Saved entries
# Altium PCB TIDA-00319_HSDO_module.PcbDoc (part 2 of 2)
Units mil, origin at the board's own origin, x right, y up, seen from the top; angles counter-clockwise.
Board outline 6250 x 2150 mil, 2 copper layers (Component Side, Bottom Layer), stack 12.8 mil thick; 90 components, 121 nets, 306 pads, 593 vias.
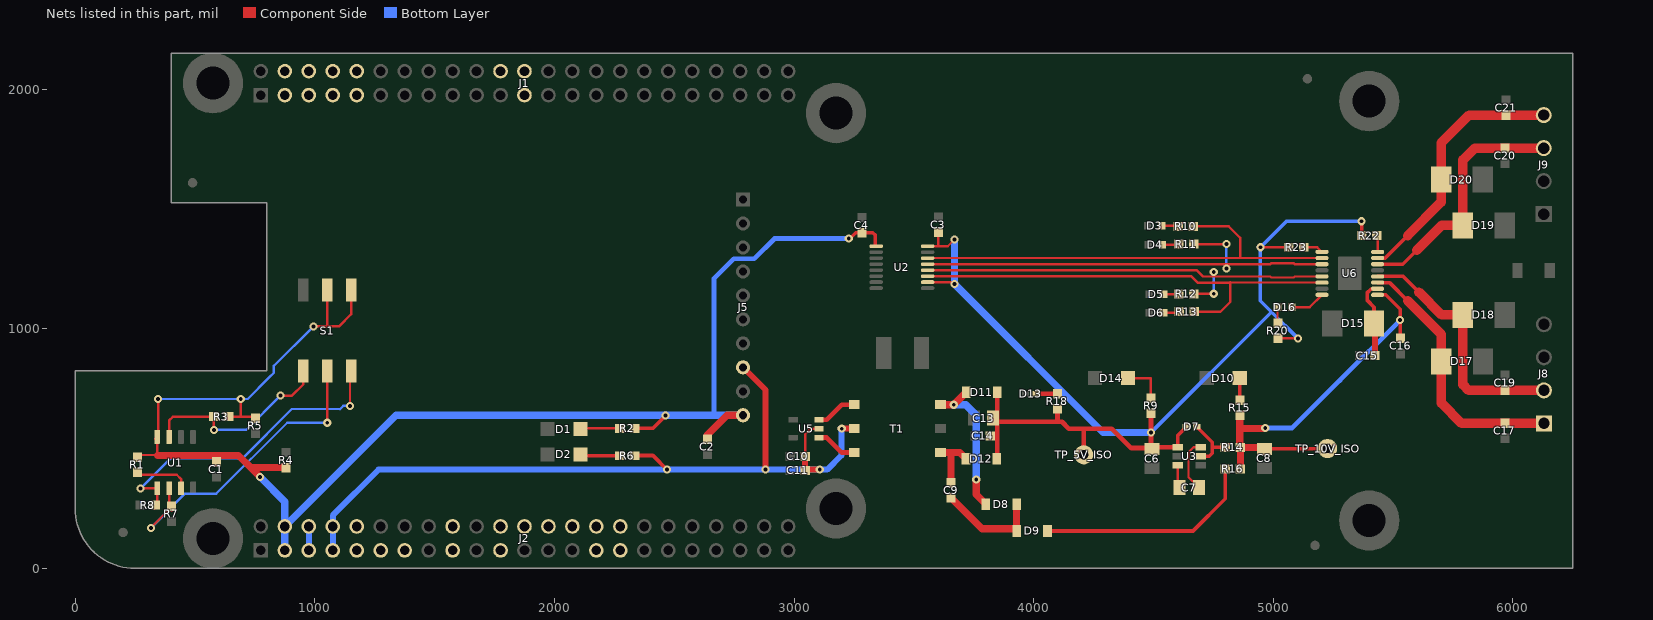
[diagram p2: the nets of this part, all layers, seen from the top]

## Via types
v1: diameter 20, hole 8, Component Side to Bottom Layer, tented both sides, 517 vias
v2: diameter 39.37, hole 19.68, Component Side to Bottom Layer, 36 vias
v3: diameter 34, hole 16, Component Side to Bottom Layer, 32 vias
v4: diameter 19.68, hole 7.87, Component Side to Bottom Layer, 6 vias
v5: diameter 50, hole 28, Component Side to Bottom Layer, 2 vias

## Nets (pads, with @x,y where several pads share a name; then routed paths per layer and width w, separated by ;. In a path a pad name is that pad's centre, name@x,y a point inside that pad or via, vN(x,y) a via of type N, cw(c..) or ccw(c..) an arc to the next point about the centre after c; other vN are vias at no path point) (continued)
MMC1_DAT1: J1.24
MMC1_DAT2: J1.5
MMC1_DAT3: J1.6
MMC1_DAT4: J1.23
MMC1_DAT5: J1.22
MMC1_DAT6: J1.3
MMC1_DAT7: J1.4
NetC7_1: C7.1 U3.6 | length 224.3
  Component Side w10: C7.1@4689,337 4646,380 4646,484.69 4666.72,505.4 U3.6@4696.24,505.4
NetC7_2: C7.2 U3.3 | length 96.6
  Component Side w10: U3.3@4601.76,430.6 4601.76,344.24 C7.2@4609,337
NetC9_1: C9.1 D8.1 D9.2 | length 443.3
  Component Side w30: C9.1@3655,294.5 3784.5,165 3919.53,165 D9.2@3928.53,156 3928.53,267.06 D8.1@3929.47,268
NetC15_1: C15.1 D15.1 U6.2 | length 325.2
  Component Side w15: D15.1@5420.01,1022 5420.01,1090.15 5392.58,1117.57 5392.58,1151.32 5406.56,1165.29 5424.55,1165.29 5426.28,1167.02 U6.2@5435.14,1167.02
  Component Side w25: D15.1@5420.01,1022 5423.5,1018.51 C15.1@5423.5,888
NetC17_1: C17.1 D17.1 J8.1 U6.3 | length 1105
  Component Side w15: U6.3@5435.14,1192.61 5484.39,1192.61 5561,1116
  Component Side w40: 5561,1116 5700.99,976.01 D17.1@5700.99,864 5700.99,690.01 5785.8,605.2 J8.1@6129.3,605.2
NetC19_1: C19.1 D18.1 J8.2 U6.4 | length 1061.5
  Component Side w15: U6.4@5435.14,1218.2 5541.8,1218.2 5607,1153
  Component Side w40: 5607,1153 5702,1058 D18.1@5790.99,1058 5790.99,767.01 5815,743 J8.2@6129.3,743
NetC20_1: C20.1 D19.1 J9.3 U6.6 | length 1053.7
  Component Side w15: U6.6@5435.14,1269.39 5540.39,1269.39 5598,1327
  Component Side w40: 5598,1327 5702,1431 D19.1@5790.99,1431 5790.99,1703.99 5840.8,1753.8 J9.3@6128.3,1753.8
NetC21_1: C21.1 D20.1 J9.4 U6.7 | length 1087.8
  Component Side w15: U6.7@5435.14,1294.98 5466.98,1294.98 5562,1390
  Component Side w40: 5560,1388 5699.99,1527.99 D20.1@5699.99,1622 5699.99,1774.99 5816.59,1891.59 J9.4@6128.3,1891.59
NetD1_2: D1.2 R2.1 | length 136.8
  Component Side w10: D1.2@2108.53,581.32 D1.2@2111.53,584.32 ; 2139.9,584 R2.1@2272.5,584
NetD2_2: D2.2 R6.1 | length 137.7
  Component Side w15: D2.2@2108.53,475.32 D2.2@2113.53,470.32 ; 2141.9,470 R6.1@2272.5,470
NetD3_1: D3.1 R10.1 | length 69.8
  Component Side w10: D3.1@4534.53,1429 4601.5,1429 R10.1@4603.5,1427
NetD4_1: D4.1 R11.1 | length 68.8
  Component Side w10: D4.1@4536.53,1351 4602.5,1351 R11.1@4604.5,1353
NetD5_1: D5.1 R12.1 | length 62.4
  Component Side w10: D5.1@4542.53,1144 4603.5,1144 R12.1@4604.5,1145
NetD6_1: D6.1 R13.1 | length 64.6
  Component Side w10: D6.1@4543.53,1067 4602.5,1067 R13.1@4606.5,1071
NetD7_1: D7.1 R14.1 U3.5 | length 246.3
  Component Side w15: D7.1@4680.65,591 4745,526.65 4745,506 ; U3.5@4696.24,468 4733,468 4745,480 4745,506 ; R14.1@4799.5,505 4746,505 4745,506
NetD9_1: D9.1 R16.1 | length 922.2
  Component Side w15: D9.1@4057.47,156 4665,156 4799.5,290.5 R16.1@4799.5,415
NetD10_2: D10.2 R15.1 | length 91.5
  Component Side w15: D10.2@4859.9,794 4860,793.9 R15.1@4860,702.5
NetD13_1: D13.1 R18.1 | length 89.6
  Component Side w20: D13.1@4009.65,729 4098.5,729 R18.1@4099,729.5
NetD14_2: D14.2 R9.1 | length 183.6
  Component Side w10: D14.2@4392.9,794 4489,794 R9.1@4489,706.5
NetD16_1: D16.1 R20.2 | length 68.1
  Component Side w10: D16.1@5017.47,1090 5017.47,1024.02 R20.2@5019,1022.5
NetD16_2: D16.2 U6.16 | length 147.6
  Component Side w10: D16.2@5076.53,1090 5151.43,1090 U6.16@5202.86,1141.43
NetR1_1: R1.1 U1.3 | length 211.2
  Component Side w10: R1.1@277.5,391 424,391 442,373 U1.3@442,333.72
NetR3_1: R3.1 S1.1 U1.7 | length 823.5
  Component Side w10: U1.7@392,548.28 392,617 408,633 R3.1@578.5,633 578.5,578.5 v3(579,578) ; v3(857,721) 905,721 952,768 S1.1@952,822.71
  Bottom Layer w10: v3(579,578) 714,578 v3(857,721)
NetR7_2: R7.2 S1.2 U1.2 | length 1336.9
  Component Side w10: v3@320,173.65 R7.2@395,248.65 ; U1.2@392,333.72 392,257.5 403,246.5 R7.2@403,241 ; v3(1052,608) S1.2@1052,822.71
  Bottom Layer w10: v3(316,168) 458,312 589,312 885,608 v3(1052,608)
NetR8_2: R8.2 S1.3 U1.1 | length 1319.7
  Component Side w10: v3(273.28,333.72) U1.1@342,333.72 342,261.5 R8.2@331.5,251 ; v3(1147,678) 1147,817.71 1150,820.71 S1.3@1152,822.71
  Bottom Layer w10: v3(273.28,333.72) 398.57,459 698,459 904,665 1104,665 1105,664 1119,678 v3(1147,678)
NetR22_1: R22.1 U6.8 | length 72.4
  Component Side w10: R22.1@5431.5,1388.98 5436.14,1384.34 U6.8@5436.14,1318.55
NetR23_1: R23.1 U6.9 | length 86.2
  Component Side w10: R23.1@5126.5,1339.98 5182.43,1339.98 U6.9@5203.86,1318.55
NetT1_1: T1.1 U5.3 | length 172.8
  Component Side w20: U5.3@3104.13,620.4 3136.4,620.4 3199,683 T1.1@3251,683
NetT1_3: T1.3 U5.1 | length 172.8
  Component Side w20: U5.1@3104.13,545.6 3136.6,545.6 3199.2,483 T1.3@3251,483
OUTA: R13.2 U2.11 U6.14 | length 1905
  Component Side w10: U2.11@3557.28,1219.5 4656.5,1219.5 4683.39,1192.61 4820,1192.61 4820,1112 4779,1071 R13.2@4669.5,1071 ; 4819.86,1193.23 U6.14@5202.86,1192.61
OUTB: R12.2 U2.12 U6.13 | length 1853.7
  Component Side w10: U2.12@3557.28,1244.5 4679.5,1244.5 4705.8,1218.2 4751,1218.2 ; R12.2@4667.5,1145 4668.5,1146 v3(4751,1146) ; v3(4751,1237) 4751,1218.2 ; U6.13@5202.86,1218.2 5089.33,1218.2 5085.13,1214 4991.28,1214 4987.08,1218.2 4751,1218.2
  Bottom Layer w10: v3(4751,1146) v3(4751,1237)
OUTC: R11.2 U2.13 U6.11 | length 1951.8
  Component Side w10: U2.13@3557.28,1269.5 4804,1269.5 v3(4804,1251) ; R11.2@4667.5,1364 4678.5,1353 v3(4804,1353) ; 4764.86,1269.48 4987.17,1269.48 4991.69,1274 5084.72,1274 5089.24,1269.48 U6.11@5203.36,1269.48 ; U6.11@5187.5,1267.48 5188,1266.98 U6.11@5188.39,1267.37
  Bottom Layer w10: v3(4804,1251) v3(4804,1353)
OUTD: R10.2 U2.14 U6.10 | length 1972.2
  Component Side w10: U2.14@3569.22,1295 4862,1295 4862,1379 4814,1427 R10.2@4666.5,1427 ; 4822.86,1294.98 U6.10@5202.86,1294.98
PWR_BUT: J2.9
SPI0_CS: J2.17
SPI0_D0: J2.21
SPI0_D1: J2.18
SPI0_SCLK: J2.22
SPI1_CS0: J2.28
SPI1_D0: J2.29
SPI1_D1: J2.30
SPI1_SCLK: J2.31
SYS_5V: C10.1 C11.1 J2.7 J2.8 J5.8 R6.2 T1.2 U5.2 | length 3449.7
  Component Side w10: C10.1@3046.5,467 3046.5,559.81 3069.69,583 U5.2@3104.13,583
  Component Side w15: R6.2@2335.5,470 2336.5,471 2411,471 v3(2470,412)
  Component Side w25: J5.8@2787,839 2881,745 v3(2881,412) ; C10.1@3046.5,467 C11.1@3046.5,409 3049.5,412 v3(3107,412) ; v3@3193,583 T1.2@3251,583
  Bottom Layer w15: v3(2470,412) v3@2480,412
  Bottom Layer w25: J2.7@1075,75 J2.8@1075,175 1075,221 1266,412 v3(2470,412) ; v3@2480,412 v3(2881,412) v3(3107,412) 3138,412 3198,472 3198,580 v3@3194,584
  other v3: 3199,583
SYS_RESETN: J2.10
TIMER4: J1.7
TIMER5: J1.9
TIMER6: J1.10
TIMER7: J1.8
TR_N: C9.2 D12.2 T1.4 | length 246.1
  Component Side w30: T1.4@3611,483 3663,483 ; C9.2@3655,357.5 3655,475 3663,483 ; D12.2@3717.53,457 3691.53,483 3663,483
TR_P: D8.2 D11.2 T1.6 | length 628.6
  Component Side w30: T1.6@3611,683 v3(3666.53,683) D11.2@3718.53,735 ; v3(3760,371) 3760,308.53 D8.2@3800.53,268
  Bottom Layer w30: v3(3666.53,683) 3716,683 3760,639 v3(3760,371)
UART1_RXD: J2.26
UART1_TXD: J2.24
UART4_RXD: J2.11
UART4_TXD: J2.13
VDD_3V3B: C1.1 C2.1 C4.2 J2.3 J2.4 J5.10 R1.2 R2.2 R3.2 R4.2 R5.2 S1.4 S1.5 U1.8 U2.1 | length 6509.9
  Component Side w10: R1.2@271,473 342,472.5 ; U1.8@334.22,540.5 U1.8@342,548.28 ; 343,471.5 342,472.5 ; v3(346,707) 346,552.28 U1.8@342,548.28 ; R3.2@641.5,633 691,633 ; v3(691,707) 691,633 ; R5.2@752,626.5 745.5,633 691,633 ; v3(994,1010) 1101,1010 1152,1061 S1.4@1152,1161.29 ; 1052,1016 S1.5@1052,1161.29 ; 342,472.5 U1.8@342,548.28
  Component Side w15: R2.2@2335.5,584 2410,584 v3(2464,638) ; v3(3228.29,1376.29) 3228.29,1371.71 3257.78,1401.2 C4.2@3282.57,1401.2 3328.8,1401.2 3338,1392 3338,1349.22 U2.1@3342.72,1344.5
  Component Side w30: 343,471.5 681.5,471.5 732.5,420.5 ; v3(771,382) 732.5,420.5 ; R4.2@880,420.5 732.5,420.5 ; C2.1@2636,554.5 2720.5,639 J5.10@2787,639
  Bottom Layer w10: v3(346,707) v3(691,707) 720,707 809,796 809.08,796 829,815.92 829,845 v3(994,1010)
  Bottom Layer w15: v3(2464,638) v3@2464,639
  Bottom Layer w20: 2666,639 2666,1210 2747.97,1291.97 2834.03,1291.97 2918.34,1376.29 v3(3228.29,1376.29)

:: What the task asks ::
Of the entries above, repeat exactly the lines from the line with "Bottom Layer w10: v3(4751,1146)" through the line with "SPI0_D1: J2.18", both of them included.

:: Answer space ::
  Bottom Layer w10: v3(4751,1146) v3(4751,1237)
OUTC: R11.2 U2.13 U6.11 | length 1951.8
  Component Side w10: U2.13@3557.28,1269.5 4804,1269.5 v3(4804,1251) ; R11.2@4667.5,1364 4678.5,1353 v3(4804,1353) ; 4764.86,1269.48 4987.17,1269.48 4991.69,1274 5084.72,1274 5089.24,1269.48 U6.11@5203.36,1269.48 ; U6.11@5187.5,1267.48 5188,1266.98 U6.11@5188.39,1267.37
  Bottom Layer w10: v3(4804,1251) v3(4804,1353)
OUTD: R10.2 U2.14 U6.10 | length 1972.2
  Component Side w10: U2.14@3569.22,1295 4862,1295 4862,1379 4814,1427 R10.2@4666.5,1427 ; 4822.86,1294.98 U6.10@5202.86,1294.98
PWR_BUT: J2.9
SPI0_CS: J2.17
SPI0_D0: J2.21
SPI0_D1: J2.18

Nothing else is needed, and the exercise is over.